◆ **What the task requires**
Count the lines in the data below that have "name" in them, and reply with only that number.
START Data to process
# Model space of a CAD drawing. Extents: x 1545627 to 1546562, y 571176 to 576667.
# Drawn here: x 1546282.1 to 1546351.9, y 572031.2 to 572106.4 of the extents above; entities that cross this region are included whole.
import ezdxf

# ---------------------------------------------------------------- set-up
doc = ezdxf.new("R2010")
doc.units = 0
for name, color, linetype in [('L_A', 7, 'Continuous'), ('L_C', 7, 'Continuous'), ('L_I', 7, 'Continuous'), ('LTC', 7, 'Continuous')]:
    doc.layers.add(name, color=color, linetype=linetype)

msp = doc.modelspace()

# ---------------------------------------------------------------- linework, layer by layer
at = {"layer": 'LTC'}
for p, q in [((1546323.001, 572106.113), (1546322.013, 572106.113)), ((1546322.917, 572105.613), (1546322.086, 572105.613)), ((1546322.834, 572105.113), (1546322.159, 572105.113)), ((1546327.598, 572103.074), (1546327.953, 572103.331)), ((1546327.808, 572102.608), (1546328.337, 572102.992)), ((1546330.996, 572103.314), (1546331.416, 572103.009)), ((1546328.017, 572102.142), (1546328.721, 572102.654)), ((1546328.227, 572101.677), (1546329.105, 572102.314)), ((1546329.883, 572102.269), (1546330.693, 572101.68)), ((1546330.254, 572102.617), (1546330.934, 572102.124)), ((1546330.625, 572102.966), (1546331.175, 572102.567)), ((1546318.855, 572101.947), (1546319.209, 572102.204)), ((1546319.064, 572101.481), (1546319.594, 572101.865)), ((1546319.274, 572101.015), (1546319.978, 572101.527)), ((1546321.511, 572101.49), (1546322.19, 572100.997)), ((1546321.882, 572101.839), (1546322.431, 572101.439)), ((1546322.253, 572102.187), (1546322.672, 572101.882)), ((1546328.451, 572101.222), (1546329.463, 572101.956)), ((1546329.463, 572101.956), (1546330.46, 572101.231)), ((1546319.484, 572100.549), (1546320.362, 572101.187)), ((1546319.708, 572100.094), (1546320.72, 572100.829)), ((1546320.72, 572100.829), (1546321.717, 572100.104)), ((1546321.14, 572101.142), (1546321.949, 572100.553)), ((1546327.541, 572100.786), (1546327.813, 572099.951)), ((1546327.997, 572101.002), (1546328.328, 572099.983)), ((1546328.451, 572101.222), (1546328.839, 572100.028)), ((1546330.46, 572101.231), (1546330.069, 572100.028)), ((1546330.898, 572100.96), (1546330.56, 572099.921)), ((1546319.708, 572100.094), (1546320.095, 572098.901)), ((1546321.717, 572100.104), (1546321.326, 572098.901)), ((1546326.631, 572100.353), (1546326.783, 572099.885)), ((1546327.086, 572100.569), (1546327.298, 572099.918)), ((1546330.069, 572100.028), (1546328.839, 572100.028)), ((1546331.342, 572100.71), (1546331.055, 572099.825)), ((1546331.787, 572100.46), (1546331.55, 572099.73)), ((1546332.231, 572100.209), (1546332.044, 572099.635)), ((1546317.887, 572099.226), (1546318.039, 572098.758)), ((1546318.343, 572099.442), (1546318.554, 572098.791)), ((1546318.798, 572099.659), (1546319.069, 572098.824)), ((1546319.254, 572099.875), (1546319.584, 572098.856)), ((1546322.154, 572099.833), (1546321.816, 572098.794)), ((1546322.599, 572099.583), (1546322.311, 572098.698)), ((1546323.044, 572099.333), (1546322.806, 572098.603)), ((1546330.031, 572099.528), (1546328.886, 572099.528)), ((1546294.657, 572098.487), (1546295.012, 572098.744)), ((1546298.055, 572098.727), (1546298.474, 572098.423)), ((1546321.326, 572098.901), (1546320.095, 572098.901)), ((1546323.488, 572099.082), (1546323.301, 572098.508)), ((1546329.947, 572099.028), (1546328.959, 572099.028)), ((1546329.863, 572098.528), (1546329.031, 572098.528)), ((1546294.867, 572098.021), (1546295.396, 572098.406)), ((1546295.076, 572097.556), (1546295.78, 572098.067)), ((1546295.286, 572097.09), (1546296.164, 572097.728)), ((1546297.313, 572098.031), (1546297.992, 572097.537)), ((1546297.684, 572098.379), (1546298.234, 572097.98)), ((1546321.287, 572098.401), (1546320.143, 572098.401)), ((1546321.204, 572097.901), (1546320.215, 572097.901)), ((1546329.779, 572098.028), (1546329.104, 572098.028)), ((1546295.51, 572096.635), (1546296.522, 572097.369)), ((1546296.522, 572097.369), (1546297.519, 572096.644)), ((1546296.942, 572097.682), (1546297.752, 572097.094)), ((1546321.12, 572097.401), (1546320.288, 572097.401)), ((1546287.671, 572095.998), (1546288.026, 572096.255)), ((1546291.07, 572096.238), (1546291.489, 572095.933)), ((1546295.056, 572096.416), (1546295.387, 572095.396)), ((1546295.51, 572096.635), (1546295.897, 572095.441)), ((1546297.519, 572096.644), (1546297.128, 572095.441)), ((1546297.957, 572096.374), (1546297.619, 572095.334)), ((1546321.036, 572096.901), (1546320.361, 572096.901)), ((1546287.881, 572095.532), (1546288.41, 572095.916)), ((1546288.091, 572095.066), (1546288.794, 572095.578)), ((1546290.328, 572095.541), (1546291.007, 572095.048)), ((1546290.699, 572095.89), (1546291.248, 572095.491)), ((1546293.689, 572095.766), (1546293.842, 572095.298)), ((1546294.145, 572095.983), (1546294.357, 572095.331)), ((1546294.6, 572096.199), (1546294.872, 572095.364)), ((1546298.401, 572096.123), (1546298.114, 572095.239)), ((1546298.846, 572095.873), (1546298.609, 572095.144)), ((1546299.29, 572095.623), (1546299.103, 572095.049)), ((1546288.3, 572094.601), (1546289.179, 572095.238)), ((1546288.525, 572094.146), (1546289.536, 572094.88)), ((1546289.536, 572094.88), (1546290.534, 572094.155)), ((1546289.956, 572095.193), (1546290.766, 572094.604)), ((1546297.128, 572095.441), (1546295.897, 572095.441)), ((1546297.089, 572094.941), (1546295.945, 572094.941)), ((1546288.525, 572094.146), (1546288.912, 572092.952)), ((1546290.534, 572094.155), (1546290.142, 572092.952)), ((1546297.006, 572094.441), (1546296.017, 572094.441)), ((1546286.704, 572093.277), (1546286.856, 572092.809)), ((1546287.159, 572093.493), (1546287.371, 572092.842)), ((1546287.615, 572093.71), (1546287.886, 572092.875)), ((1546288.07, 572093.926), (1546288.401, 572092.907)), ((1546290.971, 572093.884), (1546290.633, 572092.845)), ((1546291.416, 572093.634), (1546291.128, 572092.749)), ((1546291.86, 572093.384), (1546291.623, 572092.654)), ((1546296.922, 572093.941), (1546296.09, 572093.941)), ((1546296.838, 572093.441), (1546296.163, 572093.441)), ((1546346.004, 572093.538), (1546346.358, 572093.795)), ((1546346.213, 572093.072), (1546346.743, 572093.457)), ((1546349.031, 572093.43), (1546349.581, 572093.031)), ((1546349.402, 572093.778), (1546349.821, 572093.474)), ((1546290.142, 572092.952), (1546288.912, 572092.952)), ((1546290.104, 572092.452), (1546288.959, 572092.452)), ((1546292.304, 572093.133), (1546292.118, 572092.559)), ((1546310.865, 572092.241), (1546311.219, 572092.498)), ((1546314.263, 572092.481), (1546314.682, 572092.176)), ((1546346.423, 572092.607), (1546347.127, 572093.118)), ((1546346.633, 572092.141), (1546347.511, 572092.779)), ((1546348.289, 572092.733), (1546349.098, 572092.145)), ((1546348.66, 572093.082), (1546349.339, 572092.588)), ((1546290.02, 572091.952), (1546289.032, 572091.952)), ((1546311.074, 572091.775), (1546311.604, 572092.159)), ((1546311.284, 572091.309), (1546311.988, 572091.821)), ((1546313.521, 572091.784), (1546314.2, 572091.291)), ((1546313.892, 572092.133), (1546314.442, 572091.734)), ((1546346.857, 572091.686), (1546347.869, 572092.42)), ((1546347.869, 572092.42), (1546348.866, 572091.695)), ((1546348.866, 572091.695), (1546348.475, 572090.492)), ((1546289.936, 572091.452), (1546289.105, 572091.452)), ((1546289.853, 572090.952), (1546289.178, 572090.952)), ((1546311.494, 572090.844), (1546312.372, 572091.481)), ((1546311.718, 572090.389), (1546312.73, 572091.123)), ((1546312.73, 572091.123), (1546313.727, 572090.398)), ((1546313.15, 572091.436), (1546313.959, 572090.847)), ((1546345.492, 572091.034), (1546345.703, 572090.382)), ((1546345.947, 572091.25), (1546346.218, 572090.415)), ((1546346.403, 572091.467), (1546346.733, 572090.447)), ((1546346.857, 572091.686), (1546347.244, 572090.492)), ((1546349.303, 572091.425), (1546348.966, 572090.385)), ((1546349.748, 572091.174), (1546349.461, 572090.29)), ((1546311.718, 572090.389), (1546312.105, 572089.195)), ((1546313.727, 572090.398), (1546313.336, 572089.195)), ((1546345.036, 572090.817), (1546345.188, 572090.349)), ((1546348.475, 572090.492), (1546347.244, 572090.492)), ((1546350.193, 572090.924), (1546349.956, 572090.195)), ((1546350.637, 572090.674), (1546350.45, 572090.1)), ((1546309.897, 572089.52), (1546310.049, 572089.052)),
END Data to process
◆ **Reply to the exercise**
2